▶ [WHAT THE TASK REQUIRES]:
Everything from the line with "Sweep 10, solid, material" to the end of the data should be restated word for word, and nothing before it.

▶ [EXERCISE DATA]:
--*--
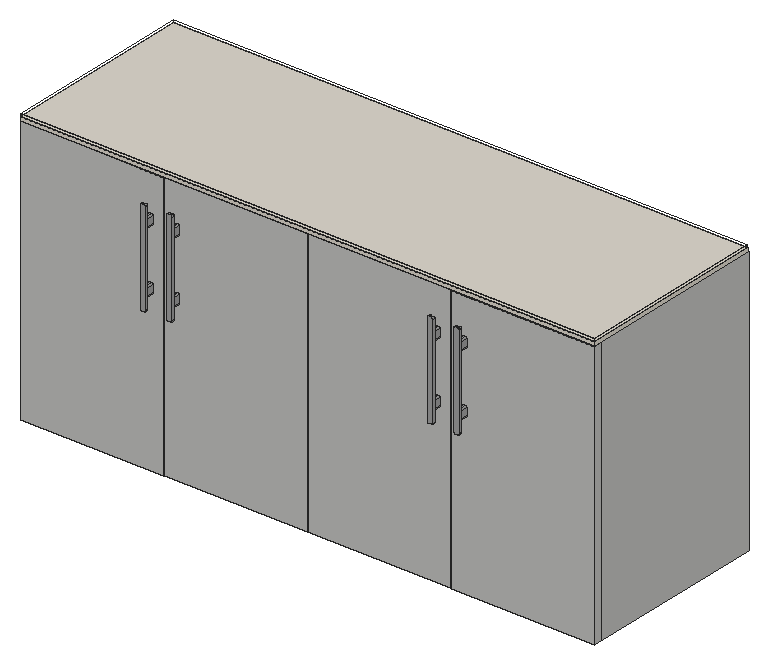
Revit family "Storage-Teknion-CWSC_Credenza_Closed_Cabinet-R2020", category Furniture, Revit 2020
Family settings
  OmniClass Number = 23.40.20.00
  OmniClass Title = General Furniture and Specialties
  Work Plane-Based = No
  Always vertical = Yes
  Cut with Voids When Loaded = No
  Shared = Yes
  Room Calculation Point = No
Parameters (values of type "Has Backpainted Glass Top")
  Width [instance] = 60.000"
  Warranty = "http://www.teknion.com/ca/papers/legal-canada"
  Unit Weight URL = "http://www.teknion.com/ca/tools/assets#&asset=bee6a381-b954-425e-8283-5a2de3a804f2,f828d448-4b62-4231-9e5f-9a8991c0ed77"
  URL = "www.teknion.com"
  Triple Bay [instance] = Width > 89.000"  # no
  Top Finish Note = "Choose a Backpainted glass finish below"
  Top Finish = Back-painted Glass - K1 - Teknion - Storm White
  To render, please download texture images found here [instance] = "https://assets.teknion.com/web/5e81352c1dfdb467/revit-material-swatches/"
  Sustainability Data = "https://www.teknion.com/ca/tools/assets#&topic=216f99a5-57a0-44fc-b10a-9dee9b29ae4c&asset=444deb64-fe58-4b68-981e-f75e97781df7,b4ff2d81-9f2e-437d-9659-7cffb09c31cf"
  Solid Top Visibility = no
  Series = "Custom Wood"
  Pull Finish = Paint - Teknion - Mica - Graphite
  Product Page URL = "https://www.teknion.com/ca/products/product-details?productLineId=0d82026f-8e7a-673b-a6c8-ff05004460c4"
  Product Line = "C+D"
  Product Documentation Link = "https://assets.teknion.com/m/4a760d230ea90aca/original/C-D-Conference-Table-Sell-Sheet.pdf"
  Part Number = "CWSC"
  Model = "CWSC____"
  Manufacturer Phone = "416-661-3370"  # constant formula
  Manufacturer Fax = "416.661.4586"  # constant formula
  Manufacturer Contact Information = "http://www.teknion.com/ca/contactus"
  Manufacturer Address = "1150 Flint Road, Toronto, ON. M3J 2J5. Canada"  # constant formula
  Manufacturer = "Teknion"  # constant formula
  How To Use Teknion Materials User Guide [instance] = "https://assets.teknion.com/m/205dd0a49fa58060/original/How-to-add-a-Material-Library-and-Texture-Images-to-your-Revit-project.pdf"
  Height [instance] = 29.000"
  Glass Top Visibility = yes
  For Additional Finishes, please visit [instance] = "https://assets.teknion.com/m/44a8009b046e5d47/original/Teknion_Materials_Library.zip"
  Double Bay [instance] = Width < 89.000"  # yes
  Description = "Custom Wood Credenza, 1/2\" Top, Closed Cabinet, Backpainted Glass Top"
  Depth [instance] = 20.000"
  Default Elevation = 0.000"
  Case, Back & Front Finish = Laminate - Teknion - RV - Very White
  Available Widths [instance] = "60, 72, 90, and 108 Inches"  # constant formula
  Available Heights [instance] = "29, 36 inches."  # constant formula
  Available Depths [instance] = "20, 24 inches."  # constant formula
  Assembly Code = "E2020200"
  Actual Height [instance] = if(Height = 36.000", 35.834", 29.075")  # 29.075"
Reference planes (in)
  plane 1 "Center Front/Back": y = 0
  plane 2: z = 0
  plane 3 "Center Left/Right": x = 0
  plane 4 "Left": x = -30
  plane 5 "Right": x = 30
  plane 6 "Back": y = 10
  plane 7 "Front": y = -10
  plane 8 "Top": z = 29.075
  plane 9 "Bottom of Cabinet": z = 0.5
  plane 10 "Bottom of Top Surface": z = 28.46
  plane 11 "Top of Drawers": z = 28.38126
  plane 12: x = -10
  plane 13: x = 10
  plane 14: x = -15
  plane 15: x = 15
  plane 16: x = -20
  plane 17: x = 20
  plane 18: y = 7.27953
  plane 19: y = -9.19685
Forms (in)
  Sweep 1, solid, material "Back-painted Glass - K1 - Teknion - Storm White" <- "Top Finish", visible <- "Solid Top Visibility"
    path origin (0, 0, 0) x (1, 0, 0) y (0, 0, 1)
      loop
        line (0, 28.535) -> (0, 29.075)
    profile origin (0, 0, 28.805) x (-1, 0, 0) y (0, -1, 0)
      loop
        line (30, -10) -> (30, 10) -> (-30, 10) -> (-30, -10) -> (30, -10)
  Sweep 2, solid, material "Laminate - Teknion - RV - Very White" <- "Case, Back & Front Finish"
    path origin (0, 0, 0) x (1, 0, 0) y (0, 0, 1)
      loop
        line (0, 0.5) -> (0, 28.46)
    profile origin (0, 0, 14.48) x (-1, 0, 0) y (0, -1, 0)
      loop
        line (30, -10) -> (30, 9.19685) -> (29.27559, 9.19685) -> (29.27559, -10) -> (30, -10)
      loop
        line (-30, -10) -> (-29.27559, -10) -> (-29.27559, 9.19685) -> (-30, 9.19685) -> (-30, -10)
  Sweep 3, solid, material "Laminate - Teknion - RV - Very White" <- "Case, Back & Front Finish", visible <- "Double Bay"
    path origin (0, 0, 0) x (1, 0, 0) y (0, 1, 0)
      loop
        line (0, -10) -> (0, -9.27559)
    profile origin (0, -9.6378, 0) x (-1, 0, 0) y (0, 0, 1)
      loop
        line (30, 28.38126) -> (15.03937, 28.38126) -> (15.03937, 0.5) -> (30, 0.5) -> (30, 28.38126)
      loop
        line (0, 0.5) -> (14.96063, 0.5) -> (14.96063, 28.38126) -> (0, 28.38126) -> (0, 0.5)
  Sweep 4, solid, material "Laminate - Teknion - RV - Very White" <- "Case, Back & Front Finish", visible <- "Double Bay"
    path origin (0, 0, 0) x (1, 0, 0) y (0, 0, 1)
      loop
        line (0, 0.5) -> (0, 27.73559)
    profile origin (0, 0, 14.1178) x (-1, 0, 0) y (0, -1, 0)
      loop
        line (29.27559, -8) -> (29.27559, -7.27953) -> (0, -7.27953) -> (0, -8) -> (29.27559, -8)
  Sweep 5, solid, material "Laminate - Teknion - RV - Very White" <- "Case, Back & Front Finish", visible <- "Double Bay"
    path origin (0, 0, 0) x (1, 0, 0) y (0, 0, 1)
      loop
        line (0, 0.5) -> (0, 27.73559)
    profile origin (0, 0, 14.1178) x (-1, 0, 0) y (0, -1, 0)
      loop
        line (0, -8) -> (0, -7.27953) -> (-29.27559, -7.27953) -> (-29.27559, -8) -> (0, -8)
  Sweep 6, solid, material "Laminate - Teknion - RV - Very White" <- "Case, Back & Front Finish", visible <- "Triple Bay"
    path origin (0, 0, 0) x (1, 0, 0) y (0, 0, 1)
      loop
        line (0, 0.5) -> (0, 27.73559)
    profile origin (0, 0, 14.1178) x (-1, 0, 0) y (0, -1, 0)
      loop
        line (29.27559, -8) -> (29.27559, -7.27953) -> (10, -7.27953) -> (10, -8) -> (29.27559, -8)
  Sweep 7, solid, material "Laminate - Teknion - RV - Very White" <- "Case, Back & Front Finish", visible <- "Triple Bay"
    path origin (0, 0, 0) x (1, 0, 0) y (0, 0, 1)
      loop
        line (0, 0.5) -> (0, 27.81059)
    profile origin (0, 0, 14.1553) x (-1, 0, 0) y (0, -1, 0)
      loop
        line (10, -8) -> (10, -7.27953) -> (-10, -7.27953) -> (-10, -8) -> (10, -8)
  Sweep 8, solid, material "Laminate - Teknion - RV - Very White" <- "Case, Back & Front Finish", visible <- "Triple Bay"
    path origin (0, 0, 0) x (1, 0, 0) y (0, 0, 1)
      loop
        line (0, 0.5) -> (0, 27.81059)
    profile origin (0, 0, 14.1553) x (-1, 0, 0) y (0, -1, 0)
      loop
        line (-10, -8) -> (-10, -7.27953) -> (-29.27559, -7.27953) -> (-29.27559, -8) -> (-10, -8)
  Sweep 9, solid, material "Laminate - Teknion - RV - Very White" <- "Case, Back & Front Finish", visible <- "Double Bay"
    path origin (0, 0, 0) x (1, 0, 0) y (0, 1, 0)
      loop
        line (0, -10) -> (0, -9.27559)
    profile origin (0, -9.6378, 0) x (-1, 0, 0) y (0, 0, 1)
      loop
        line (0, 28.38126) -> (-14.96063, 28.38126) -> (-14.96063, 0.5) -> (0, 0.5) -> (0, 28.38126)
      loop
        line (-30, 0.5) -> (-15.03937, 0.5) -> (-15.03937, 28.38126) -> (-30, 28.38126) -> (-30, 0.5)
  Sweep 10, solid, material "Laminate - Teknion - RV - Very White" <- "Case, Back & Front Finish", visible <- "Triple Bay"
    path origin (0, 0, 0) x (1, 0, 0) y (0, 1, 0)
      loop
        line (0, -10) -> (0, -9.27559)
    profile origin (0, -9.6378, 0) x (-1, 0, 0) y (0, 0, 1)
      loop
        line (30, 28.38126) -> (20.03937, 28.38126) -> (20.03937, 0.5) -> (30, 0.5) -> (30, 28.38126)
      loop
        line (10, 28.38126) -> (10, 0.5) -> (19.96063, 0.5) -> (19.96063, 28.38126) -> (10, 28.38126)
--*--
▶ [OUTPUT]:
  Sweep 10, solid, material "Laminate - Teknion - RV - Very White" <- "Case, Back & Front Finish", visible <- "Triple Bay"
    path origin (0, 0, 0) x (1, 0, 0) y (0, 1, 0)
      loop
        line (0, -10) -> (0, -9.27559)
    profile origin (0, -9.6378, 0) x (-1, 0, 0) y (0, 0, 1)
      loop
        line (30, 28.38126) -> (20.03937, 28.38126) -> (20.03937, 0.5) -> (30, 0.5) -> (30, 28.38126)
      loop
        line (10, 28.38126) -> (10, 0.5) -> (19.96063, 0.5) -> (19.96063, 28.38126) -> (10, 28.38126)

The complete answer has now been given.